== What to work on ==
Transcribe exactly the lines that fall between the one holding "for name, color, linetype, lineweight, true_color" and the one holding "psp = doc.layouts.new('AP-05", inclusive, from the entries below.
===== Provided data =====
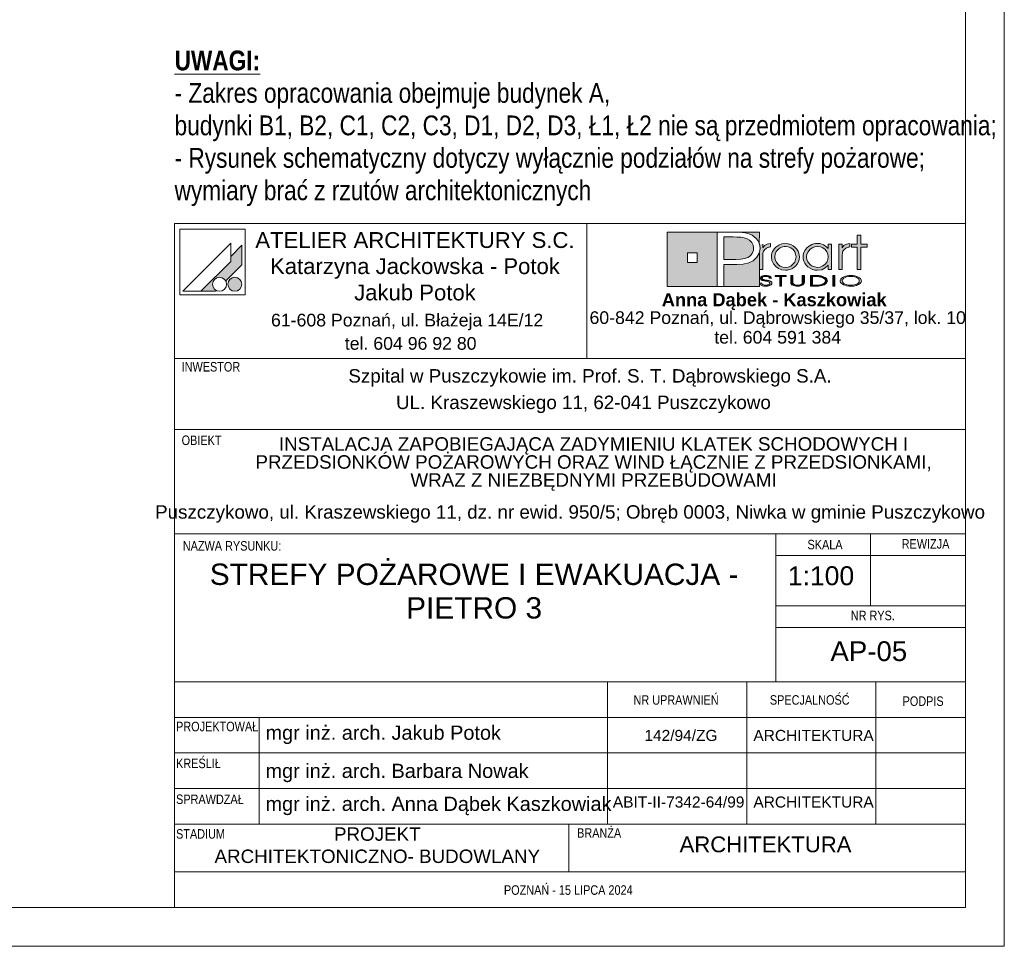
# Paper-space layout 'AP-05 STREFY POŻAROWE I EWAKUACJA - PIETRO 3' of a CAD drawing. Header units: millimetres. Extents: x 0 to 594, y 0 to 450.
# Tile 9 of 12: x 470 to 594, y 0 to 117. Entities that reach past the tile are written whole.
import ezdxf

# ---------------------------------------------------------------- set-up
doc = ezdxf.new("R2010")
doc.units = ezdxf.units.MM
doc.header["$MEASUREMENT"] = 0
for name, color, linetype, lineweight, true_color in [('0_Nr_pióra__249', 7, 'Continuous', 5, 0x191919), ('A_Arkusz_Nr_pióra__19', 7, 'Continuous', 5, 0x191919), ('A_Arkusz_Nr_pióra__255', 7, 'Continuous', 15, 0x242424)]:
    doc.layers.add(name, color=color, linetype=linetype, lineweight=lineweight, true_color=true_color)
doc.layers.add('A_Arkusz_Nr_pióra__1', color=7, linetype='Continuous', lineweight=20)
doc.layers.add('A_niewidoczne_Nr_pióra__1', color=7, linetype='Continuous', lineweight=20)
doc.styles.add('STYL_AUTOMATYCZNY_1', font='arial.ttf')
doc.styles.add('STYL_AUTOMATYCZNY_2', font='ARIALN.TTF')
doc.styles.add('STYL_AUTOMATYCZNY_3', font='arial.ttf')
doc.styles.add('STYL_AUTOMATYCZNY_5', font='ARIALN.TTF')

psp = doc.layouts.new('AP-05 STREFY POŻAROWE I EWAKUACJA - PIETRO 3')

# ---------------------------------------------------------------- hatches: boundary and pattern name
at = {"layer": 'A_Arkusz_Nr_pióra__19', "linetype": 'Continuous', "lineweight": 0, "true_color": 0x131313}
h = psp.add_hatch(color=250, dxfattribs=at)
h.paths.add_polyline_path([(551.36, 90.34), (557.71, 90.34), (557.71, 83.46), (551.36, 83.46)])
h.paths.add_polyline_path([(553.96, 87.69), (555.15, 87.69), (555.15, 86.49), (553.96, 86.49)], flags=0)
for points in [[(560.17, 89.71), (559.71, 89.72), (558.53, 89.72), (558.53, 86.86), (560.06, 86.86), (560.69, 86.89), (561.19, 86.98), (561.59, 87.13), (561.79, 87.26), (561.96, 87.42), (562.11, 87.61), (562.21, 87.83), (562.28, 88.05), (562.3, 88.28), (562.24, 88.67), (562.07, 89), (561.78, 89.3), (561.48, 89.48), (561.12, 89.62), (560.71, 89.69), (560.5, 89.71)], [(563.03, 90.34), (563.02, 88.83), (562.99, 88.95), (562.83, 89.25), (562.63, 89.52), (562.39, 89.75), (562.11, 89.94), (561.83, 90.07), (561.54, 90.17), (561.23, 90.25), (560.87, 90.3), (560.07, 90.33), (560.02, 90.34)], [(558.53, 83.46), (563.03, 83.46), (563.03, 87.7), (562.73, 87.14), (562.24, 86.71), (561.69, 86.45), (561.02, 86.29), (560.24, 86.24), (558.53, 86.24)]]:
    psp.add_hatch(color=250, dxfattribs=at).paths.add_polyline_path(points)
at = {"layer": 'A_Arkusz_Nr_pióra__19', "linetype": 'Continuous', "lineweight": 5, "true_color": 0x191919}
for points in [[(575.85, 85.58), (575.41, 85.58), (575.41, 88.44), (574.7, 88.44), (574.7, 88.81), (575.41, 88.81), (575.41, 89.94), (575.85, 89.94), (575.85, 88.81), (576.66, 88.81), (576.66, 88.44), (575.85, 88.44)], [(497.6, 88.67), (496.2, 87.26), (496.2, 86.61), (492.43, 82.85), (494.24, 82.85), (494.35, 82.96), (494.22, 83.05), (494.11, 83.16), (494.02, 83.29), (493.96, 83.43), (493.92, 83.58), (493.91, 83.73), (493.92, 83.88), (493.96, 84.03), (494.02, 84.17), (494.11, 84.3), (494.22, 84.4), (494.35, 84.49), (494.49, 84.56), (494.64, 84.6), (494.79, 84.61), (494.94, 84.6), (495.09, 84.56), (495.23, 84.49), (495.36, 84.4), (495.46, 84.3), (495.56, 84.16), (497.6, 86.21), (497.6, 86.51)], [(497.6, 86.21), (497.6, 88.67), (496.2, 87.26), (496.2, 86.61), (492.43, 82.85), (494.24, 82.85), (494.35, 82.96, -1.314777), (495.56, 84.16)], [(563.46, 88.83), (563.02, 88.83), (563.02, 85.58), (563.48, 85.58), (563.49, 87.54, -0.145311), (563.61, 87.99, -0.140329), (564.1, 88.38), (564.45, 88.45), (564.45, 88.88), (564.01, 88.81), (563.68, 88.63), (563.46, 88.34)], [(564.56, 87.22), (564.58, 87.43), (564.63, 87.65), (564.71, 87.86), (564.82, 88.06), (564.95, 88.25), (565.11, 88.41), (565.48, 88.67), (565.88, 88.83), (566.33, 88.89), (566.35, 88.89), (566.33, 88.52), (566.17, 88.5), (566, 88.47), (565.83, 88.41), (565.67, 88.34), (565.53, 88.24), (565.39, 88.13), (565.17, 87.86), (565.04, 87.55), (565, 87.2), (565.04, 86.84), (565.18, 86.52), (565.4, 86.24), (565.68, 86.04), (565.99, 85.91), (566.17, 85.89), (566.15, 85.52), (565.88, 85.55), (565.47, 85.71), (565.11, 85.97), (564.8, 86.33), (564.62, 86.75)], [(566.33, 88.52), (566.68, 88.47), (567, 88.33), (567.29, 88.11), (567.5, 87.85), (567.62, 87.55), (567.67, 87.21), (567.64, 86.96), (568.05, 86.8), (568.07, 86.87), (568.1, 87.2), (568.08, 87.43), (568.03, 87.67), (567.93, 87.91), (567.77, 88.17), (567.56, 88.4), (567.3, 88.6), (567, 88.76), (566.68, 88.85), (566.35, 88.89)], [(574.14, 88.38), (574.05, 88.34), (573.97, 88.29), (573.87, 88.23), (573.76, 88.12), (573.67, 88.01), (573.6, 87.9), (573.56, 87.78), (573.53, 87.63), (573.52, 87.46), (573.52, 85.58), (573.07, 85.58), (573.07, 88.81), (573.5, 88.81), (573.5, 88.34), (573.72, 88.63), (574.05, 88.81), (574.49, 88.88), (574.49, 88.45), (574.36, 88.43), (574.24, 88.41)], [(566.86, 85.58), (566.6, 85.52), (566.33, 85.5), (566.15, 85.52), (566.17, 85.89), (566.34, 85.87), (566.69, 85.91), (567, 86.04), (567.28, 86.26), (567.5, 86.53), (567.62, 86.85), (567.64, 86.96), (568.05, 86.8), (567.97, 86.56), (567.8, 86.26), (567.61, 86.03), (567.38, 85.84), (567.12, 85.68)], [(564.29, 84.49), (564.55, 84.49), (564.53, 84.59), (564.47, 84.67), (564.35, 84.75), (564.21, 84.81), (564.04, 84.84), (563.85, 84.85), (563.66, 84.84), (563.49, 84.8), (563.34, 84.74), (563.23, 84.67), (563.16, 84.59), (563.14, 84.5), (563.16, 84.4), (563.22, 84.33), (563.32, 84.26), (563.4, 84.22), (563.47, 84.2), (563.53, 84.19), (563.65, 84.16), (563.76, 84.15), (563.88, 84.13), (563.99, 84.11), (564.07, 84.09), (564.15, 84.07), (564.16, 84.22), (564.04, 84.24), (563.88, 84.26), (563.69, 84.3), (563.6, 84.32), (563.52, 84.35), (563.45, 84.39), (563.41, 84.44), (563.4, 84.5), (563.42, 84.57), (563.46, 84.62), (563.54, 84.67), (563.62, 84.7), (563.72, 84.73), (563.81, 84.73), (563.9, 84.73), (563.99, 84.72), (564.07, 84.7), (564.15, 84.67), (564.22, 84.62), (564.27, 84.56)], [(565.85, 83.5), (565.6, 83.5), (565.6, 84.71), (565.02, 84.71), (565.02, 84.83), (566.43, 84.83), (566.43, 84.71), (565.85, 84.71)], [(568.45, 83.6), (568.36, 83.56), (568.25, 83.52), (568.12, 83.5), (567.99, 83.48), (567.86, 83.48), (567.67, 83.49), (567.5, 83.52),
=====
== Solution to this task ==
for name, color, linetype, lineweight, true_color in [('0_Nr_pióra__249', 7, 'Continuous', 5, 0x191919), ('A_Arkusz_Nr_pióra__19', 7, 'Continuous', 5, 0x191919), ('A_Arkusz_Nr_pióra__255', 7, 'Continuous', 15, 0x242424)]:
    doc.layers.add(name, color=color, linetype=linetype, lineweight=lineweight, true_color=true_color)
doc.layers.add('A_Arkusz_Nr_pióra__1', color=7, linetype='Continuous', lineweight=20)
doc.layers.add('A_niewidoczne_Nr_pióra__1', color=7, linetype='Continuous', lineweight=20)
doc.styles.add('STYL_AUTOMATYCZNY_1', font='arial.ttf')
doc.styles.add('STYL_AUTOMATYCZNY_2', font='ARIALN.TTF')
doc.styles.add('STYL_AUTOMATYCZNY_3', font='arial.ttf')
doc.styles.add('STYL_AUTOMATYCZNY_5', font='ARIALN.TTF')

psp = doc.layouts.new('AP-05 STREFY POŻAROWE I EWAKUACJA - PIETRO 3')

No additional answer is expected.